The Referendum engaged people of all ages and backgrounds:
It is undeniably the case that it got everyone talking. The Dafter, who a few months ago was (like many teenagers) fairly allergic to politics, started to pay attention, and learned a great deal about a complex situation. She now has a basic understanding of things like the West Lothian Question, devolved powers, the Barnett formula, and other “boring” issues that affect all our lives here. She wanted to watch political debates, she wanted to know where and how she could find out information. You may be surprised, as was oldblack, that at 16 she was allowed to vote. As you may know, in Scotland (though not in England) for most things a person becomes legally adult at age 16. This is why Gretna Green, just inside the Scottish border, was where English under-age couples eloped to: you can marry at 16 in Scotland without your parents’ consent.
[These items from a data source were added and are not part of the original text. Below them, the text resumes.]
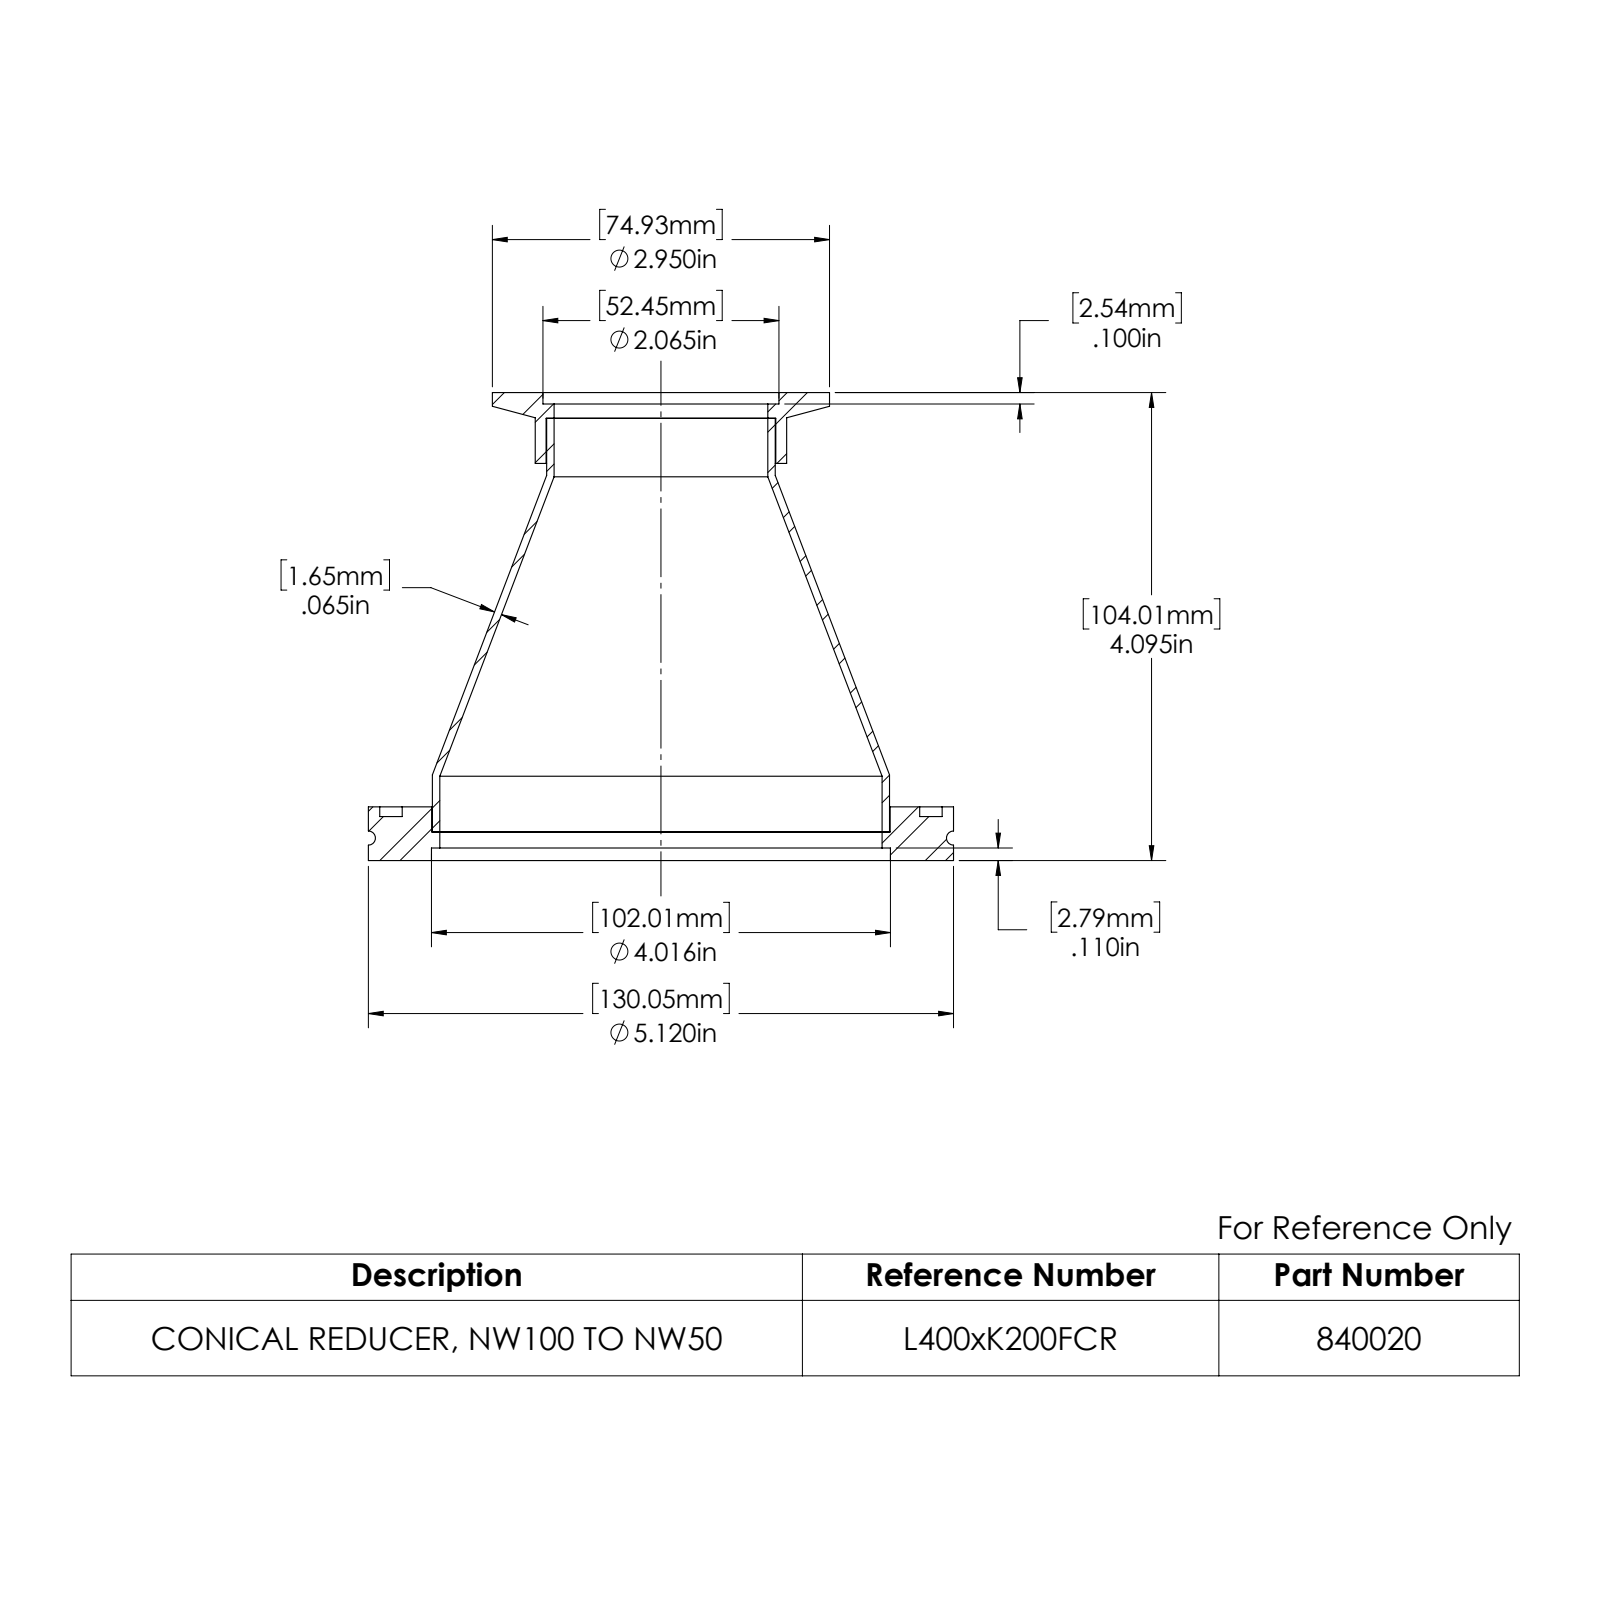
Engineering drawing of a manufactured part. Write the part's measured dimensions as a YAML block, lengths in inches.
part_name: "SUB1; 813001; 713004; 840020"
step_written_by: "SolidWorks 2022 (AUTOMOTIVE_DESIGN)"
units: inches
bodies: {solids: 3, faces: 54, planar: 12, cylindrical: 32, other: 10}
overall_size: [5.12, 5.12, 4.125]
volume: 6.743
surface_area: 122.5
round_holes:
  - {diameter: 1.87, count: 1}
  - {diameter: 2.01, count: 1}
  - {diameter: 2.065, count: 1}
  - {diameter: 3.87, count: 1}
  - {diameter: 4.01, count: 1}
  - {diameter: 4.016, count: 1}
  - {diameter: 4.921, count: 1}
round_bosses_or_shafts:
  - {diameter: 5.12, count: 1}
  - {diameter: 4.528, count: 1}
  - {diameter: 4, count: 1}
  - {diameter: 2.95, count: 1}
  - {diameter: 2.2, count: 1}
  - {diameter: 2, count: 1}
face_to_face_distances: [0.47, 4.125, 3.655, 0.385, 0.085, 3.74, 0.25, 0.135, 0.22, 3.875]

I personally think that 16 is too young to have adult status, but this was the justification for extending the vote to 16- and 17-year-olds in this election. It is definitely the case that people in the Dafter’s age group are now generally far more aware of political questions than they would otherwise have been.
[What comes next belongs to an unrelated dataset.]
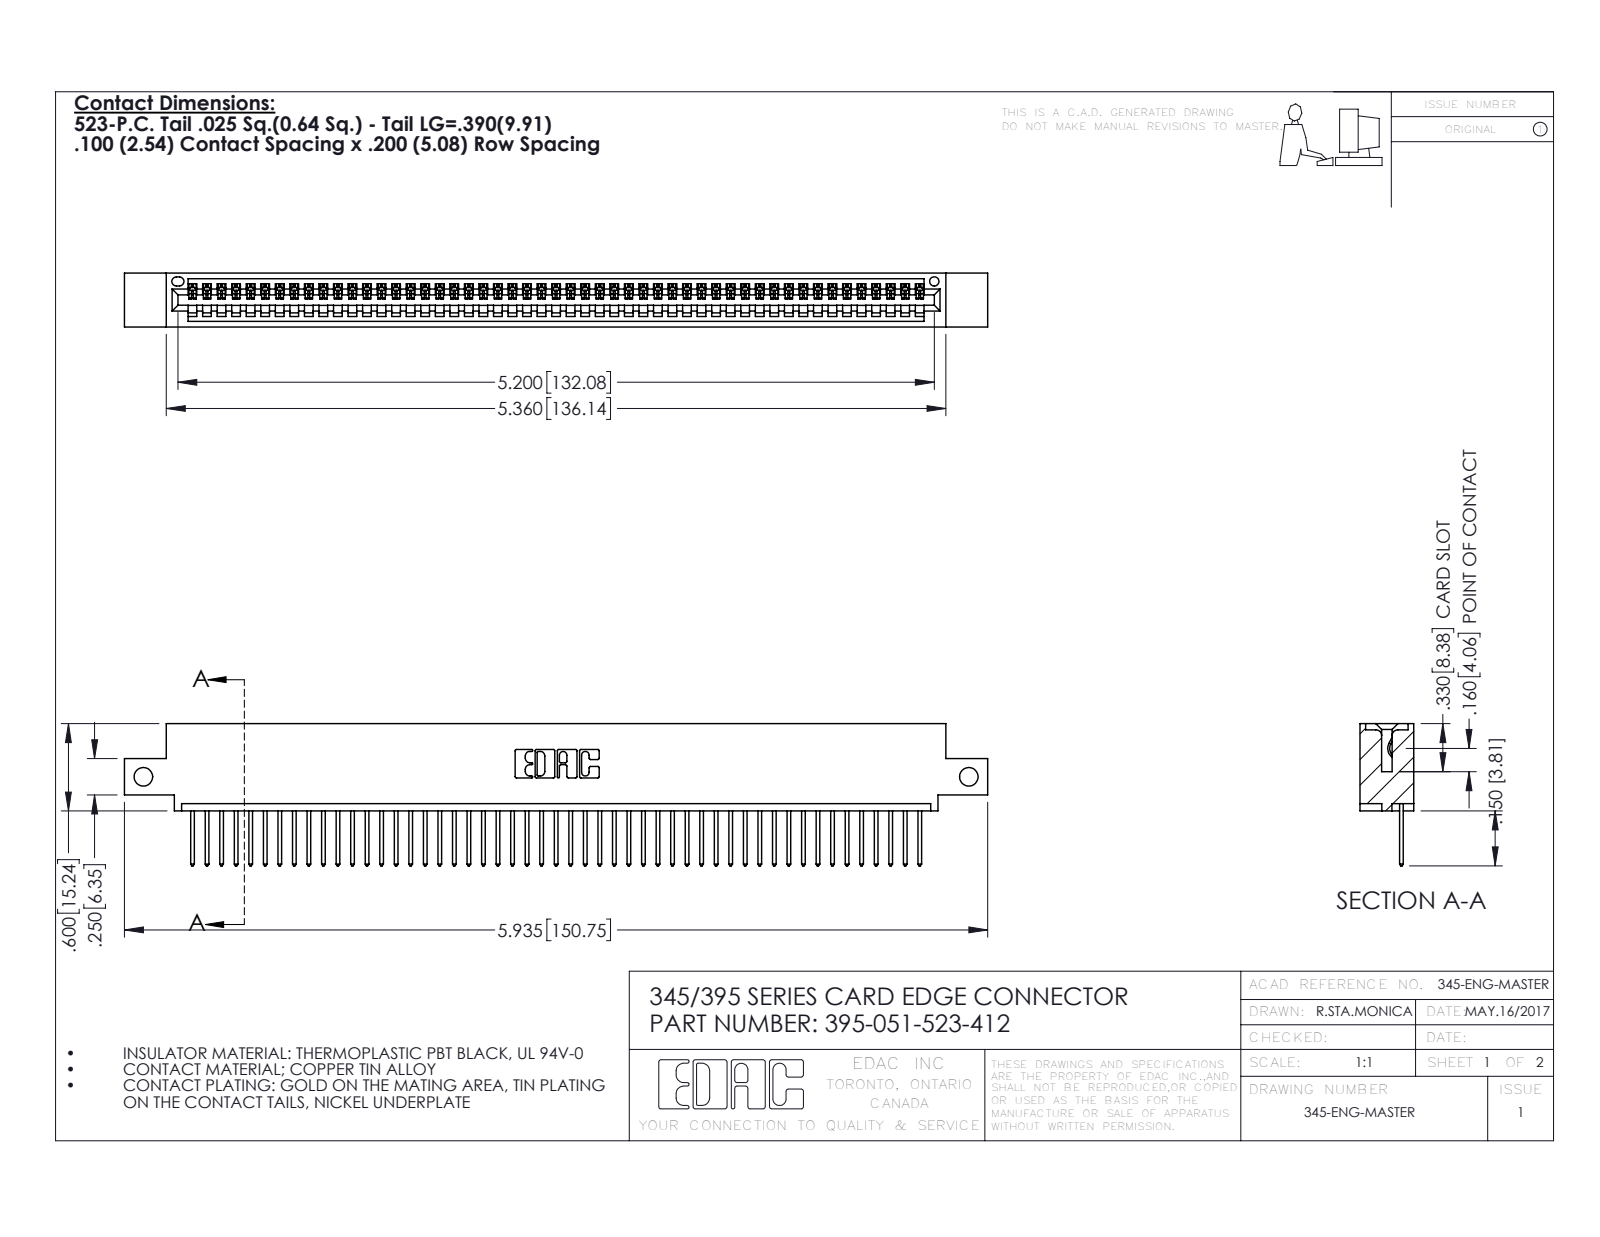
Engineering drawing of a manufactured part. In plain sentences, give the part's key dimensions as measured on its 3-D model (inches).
The part is named "345-292-001_345-293-123; 345 Part_0.110 Offset - Side Mount; 395-051-523-412". Its 3-D file was written by "SolidWorks 2016 (CONFIG_CONTROL_DESIGN)". It is 52 solids with 3088 faces: 2124 planar, 964 cylindrical and 0 other. Overall it measures 5.935 by 0.977 by 0.37 inches. Its volume is 0.867 cubic inches and its surface area 29.46 square inches. Round holes: 2 of diameter 0.128, 1 of diameter 0.064. Partial cylindrical surfaces (rounded edges, fillets, slot ends): 102 of radius 0.006, 102 of radius 0.01, 22 of radius 0.01, 6 of radius 0.007, 6 of radius 0.031, 3 of radius 0.026, 2 of radius 0.031, 2 of radius 0.04. The main face-to-face distances are 0.298, 0.072, 0.37, 0.098, 0.272, 0.025, 0.2, 0.225, 0.149, 0.072. The hole center spacings are 5.675.

I was proud of how respectfully the Scots comported themselves during the process:
There was some egg-throwing, and offensive tweets on both sides, but overall I never encountered antagonism. The people who came canvassing at our door were respectful, and both sides were mostly concerned that we intended to use our vote. In the city centre there were groups canvassing for both sides, and sometimes with robust public debate, but it was a friendly atmosphere, often with families present. Amongst my friends, neighbours and acquaintances I didn’t encounter any friction – quite the opposite. People took pains to show respect to those who had come to a different conclusion. In the past few weeks, I’ve overheard many earnest conversations, for example two dog walkers exchanging views, but neither one haranguing the other. Just before the vote, there was a little “One Scotland” movement, especially on social media, with Yes and No friends posing together with a blue-and-white “One” badge uniting them. The Church of Scotland had a “service of unity” in Edinburgh this morning, and many churches across the country have followed this lead. I know quite a few families and couples who have not been united in how they voted, but I personally haven’t witnessed any rifts that need healing, No doubt there are some. In general people on both sides seem intent on working together for a better future.
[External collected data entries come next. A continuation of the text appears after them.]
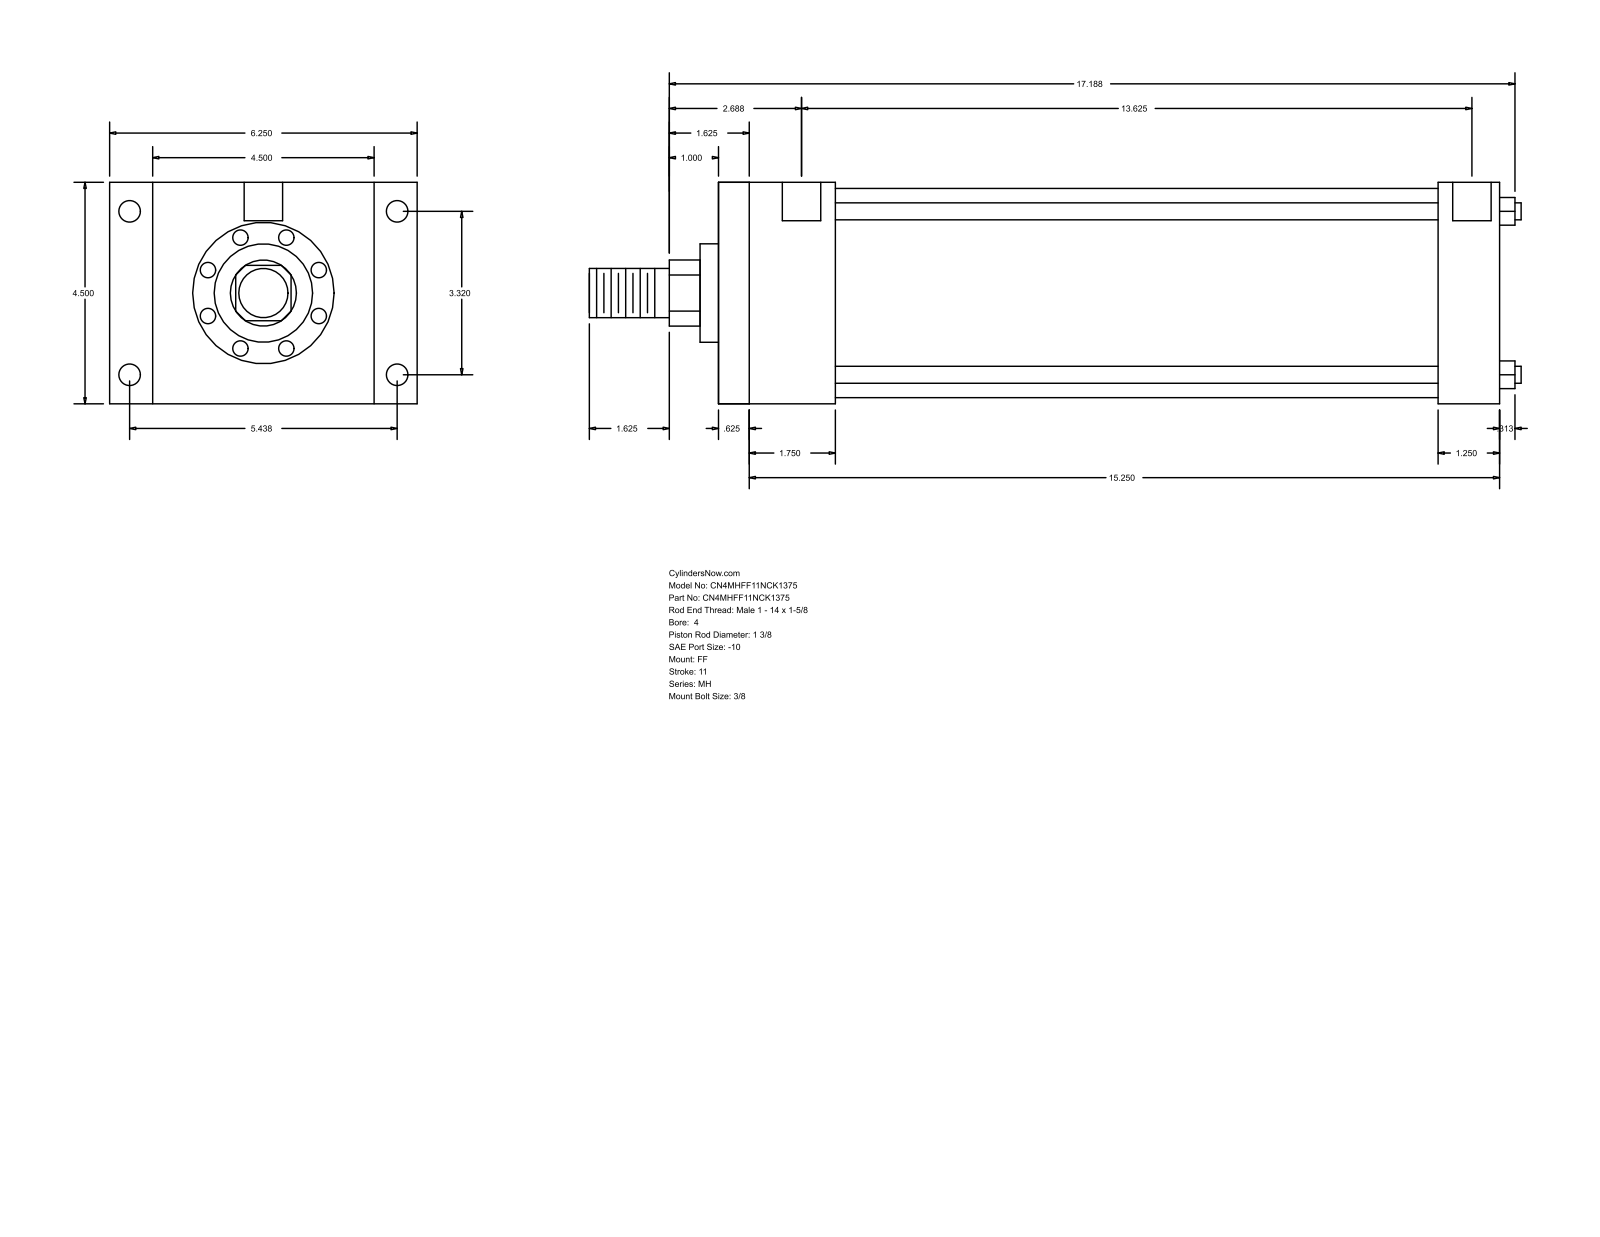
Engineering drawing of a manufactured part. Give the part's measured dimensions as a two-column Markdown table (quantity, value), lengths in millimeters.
| quantity | value |
| --- | --- |
| part name | MH_FF__0400_1.375 |
| STEP written by | GSSL Pune (CONFIG_CONTROL_DESIGN) |
| units | millimeters |
| bodies | 0 solids, 92 faces (64 planar, 28 cylindrical, 0 other) |
| overall size | 481.01 × 158.75 × 114.3 |
| round holes (diameter × count) | 8.73 × 4, 11.13 × 4, 19.84 × 2 |
| round bosses / shafts (diameter × count) | 8.76 × 4, 107.95 × 1, 50.8 × 1, 34.92 × 1, 25.4 × 1 |
| partial cylindrical surfaces (radius × count) | 17.06 × 1 |
| main face-to-face distances | 114.3, 403.22, 15.87, 387.35, 60.32, 44.45, 342.9, 371.48, 355.61, 311.16 |
| hole center spacings | 1.59, 84.32, 138.12, 161.82, 347.67, 349.26, 346.08 |

The role of mainstream media vs. social media came into the spotlight:
I believe only one Scottish newspaper took a Yes position (the Glasgow Sunday Herald). I think all other newspapers, UK-wide and in Scotland, came down on the side of No. The swell of support for Yes made it clear that people were turning to other sources of information (on the internet, specialist blogs for example) in making up their minds. Many people I know feel that the BBC’s UK coverage was very biased – people who had always seen the BBC as an impartial source of information. Michael was infuriated by the Guardian’s coverage, and almost stopped doing the crossword, until I told him not to be so silly.
Change is afoot, even with a No result:
About 10 days before the election, when polls showed that Yes might actually win, Westminster politicians offered further devolved powers to the Scottish parliament. As I mentioned above, the Prime Minister had already promised a UK-wide referendum on membership of the EU. For some time there has been growing talk of England having an England-only parliament. And within England, there is debate about how to rectify the imbalance of the wealthy Southeast with other parts of the country.
It will be interesting to see what happens next. Overall, I feel the whole experience got people talking, and really engaged the younger generation, and for that I am very grateful.
And that concludes my own impressions of the Scottish referendum on independence. Onwards!